- ABOUT THIS EXERCISE -
With the pictures left out, repeat every entry that follows exactly.

- RECORDS SHOWN -
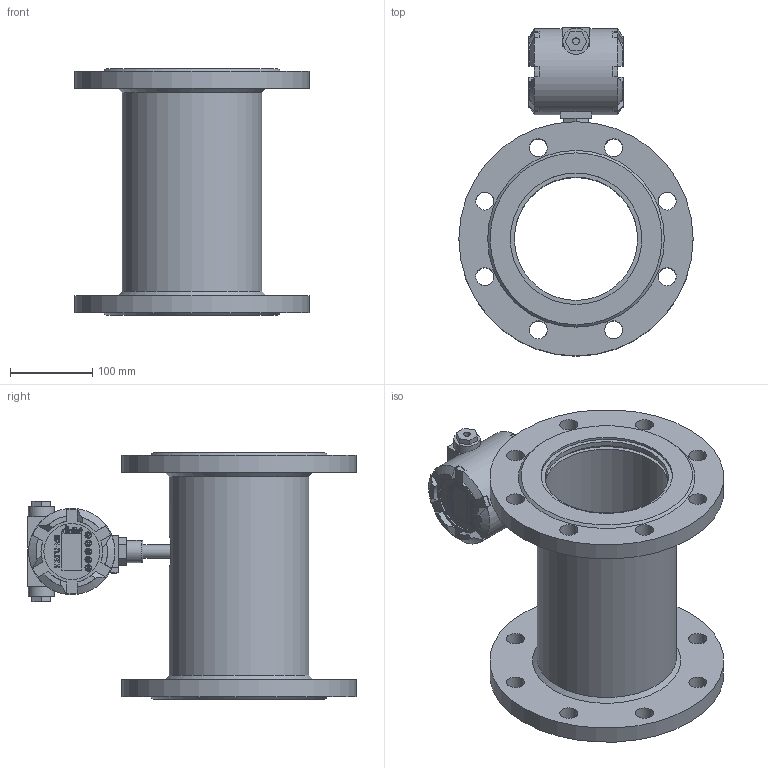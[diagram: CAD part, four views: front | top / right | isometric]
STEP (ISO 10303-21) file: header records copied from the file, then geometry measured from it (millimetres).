
FILE_DESCRIPTION( (''), '2;1');
FILE_NAME( 'QTKC_DN150_flange_Ex.step', '2024-10-14T10:38:28+08:00', (''), (''), '', '', '');
FILE_SCHEMA (('AUTOMOTIVE_DESIGN { 1 0 10303 214 3 1 1 1 }'));
Length unit declared in the file: millimetre
Products named in the file (1): QTKC DN150_flange_Ex
Bounding box: 285 x 399.5 x 300 mm (x, y, z)
Volume: 4100877.9 mm3; surface area: 586943.7 mm2
Topology: 4 solids, 4 shells, 1345 faces, 3692 edges, 2464 vertices
Faces by surface type: plane 728, extrusion 504, cylinder 88, cone 17, torus 6, bspline 2
Full cylindrical faces by diameter (mm): 3.3 x1, 8 x2, 16 x1, 16.5 x1, 18.5 x1, 20 x2, 22 x16, 27 x1, 32 x2, 68 x1, 105 x1, 150 x3, 160 x4, 170 x1, 285 x2
Entity records: 44650 total; most frequent: CARTESIAN_POINT 12691, ORIENTED_EDGE 7210, DIRECTION 4917, EDGE_CURVE 3605, VECTOR 2783, VERTEX_POINT 2428, LINE 2279, B_SPLINE_CURVE_WITH_KNOTS 1603
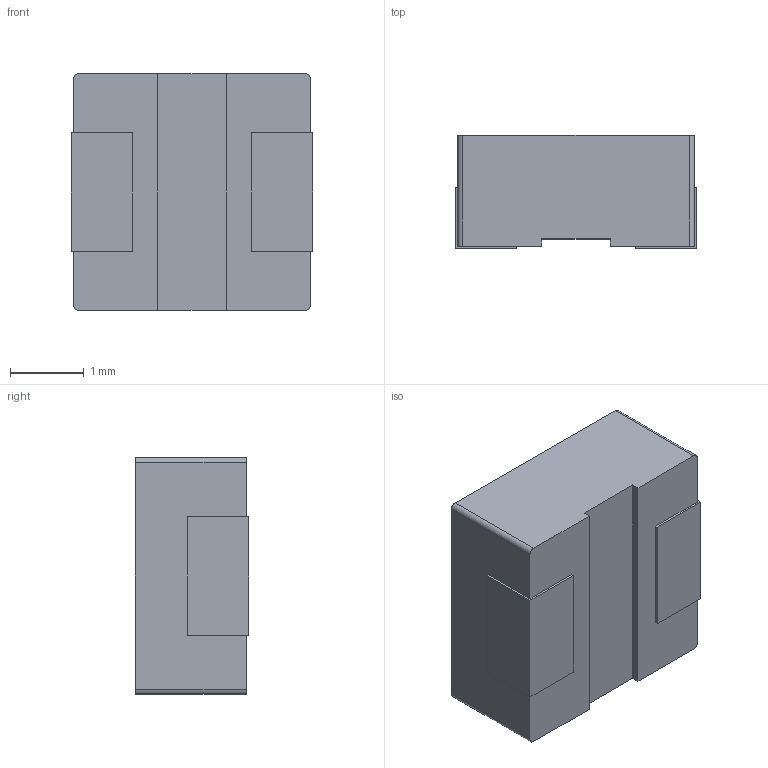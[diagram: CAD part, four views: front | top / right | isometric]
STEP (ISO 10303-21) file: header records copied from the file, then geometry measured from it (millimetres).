
FILE_DESCRIPTION (( 'STEP AP203' ), '1' );
FILE_NAME ('0315.STEP', '2025-07-17T04:41:21', ( 'user' ), ( '' ), 'SwSTEP 2.0', 'SolidWorks 2018', '' );
FILE_SCHEMA (( 'CONFIG_CONTROL_DESIGN' ));
Length unit declared in the file: millimetre
Products named in the file (1): 0315
Bounding box: 3.26 x 1.53 x 3.2 mm (x, y, z)
Volume: 15.2 mm3; surface area: 40.5 mm2
Topology: 1 solids, 1 shells, 26 faces, 72 edges, 48 vertices
Faces by surface type: plane 22, cylinder 4
Entity records: 901 total; most frequent: CARTESIAN_POINT 147, ORIENTED_EDGE 144, DIRECTION 134, EDGE_CURVE 72, VECTOR 64, LINE 64, VERTEX_POINT 48, AXIS2_PLACEMENT_3D 35

- TASK RESPONSE -
[diagram: CAD part, four views: front | top / right | isometric]
STEP (ISO 10303-21) file: header records copied from the file, then geometry measured from it (millimetres).
FILE_DESCRIPTION( (''), '2;1');
FILE_NAME( 'QTKC_DN150_flange_Ex.step', '2024-10-14T10:38:28+08:00', (''), (''), '', '', '');
FILE_SCHEMA (('AUTOMOTIVE_DESIGN { 1 0 10303 214 3 1 1 1 }'));
Length unit declared in the file: millimetre
Products named in the file (1): QTKC DN150_flange_Ex
Bounding box: 285 x 399.5 x 300 mm (x, y, z)
Volume: 4100877.9 mm3; surface area: 586943.7 mm2
Topology: 4 solids, 4 shells, 1345 faces, 3692 edges, 2464 vertices
Faces by surface type: plane 728, extrusion 504, cylinder 88, cone 17, torus 6, bspline 2
Full cylindrical faces by diameter (mm): 3.3 x1, 8 x2, 16 x1, 16.5 x1, 18.5 x1, 20 x2, 22 x16, 27 x1, 32 x2, 68 x1, 105 x1, 150 x3, 160 x4, 170 x1, 285 x2
Entity records: 44650 total; most frequent: CARTESIAN_POINT 12691, ORIENTED_EDGE 7210, DIRECTION 4917, EDGE_CURVE 3605, VECTOR 2783, VERTEX_POINT 2428, LINE 2279, B_SPLINE_CURVE_WITH_KNOTS 1603
[diagram: CAD part, four views: front | top / right | isometric]
STEP (ISO 10303-21) file: header records copied from the file, then geometry measured from it (millimetres).
FILE_DESCRIPTION (( 'STEP AP203' ), '1' );
FILE_NAME ('0315.STEP', '2025-07-17T04:41:21', ( 'user' ), ( '' ), 'SwSTEP 2.0', 'SolidWorks 2018', '' );
FILE_SCHEMA (( 'CONFIG_CONTROL_DESIGN' ));
Length unit declared in the file: millimetre
Products named in the file (1): 0315
Bounding box: 3.26 x 1.53 x 3.2 mm (x, y, z)
Volume: 15.2 mm3; surface area: 40.5 mm2
Topology: 1 solids, 1 shells, 26 faces, 72 edges, 48 vertices
Faces by surface type: plane 22, cylinder 4
Entity records: 901 total; most frequent: CARTESIAN_POINT 147, ORIENTED_EDGE 144, DIRECTION 134, EDGE_CURVE 72, VECTOR 64, LINE 64, VERTEX_POINT 48, AXIS2_PLACEMENT_3D 35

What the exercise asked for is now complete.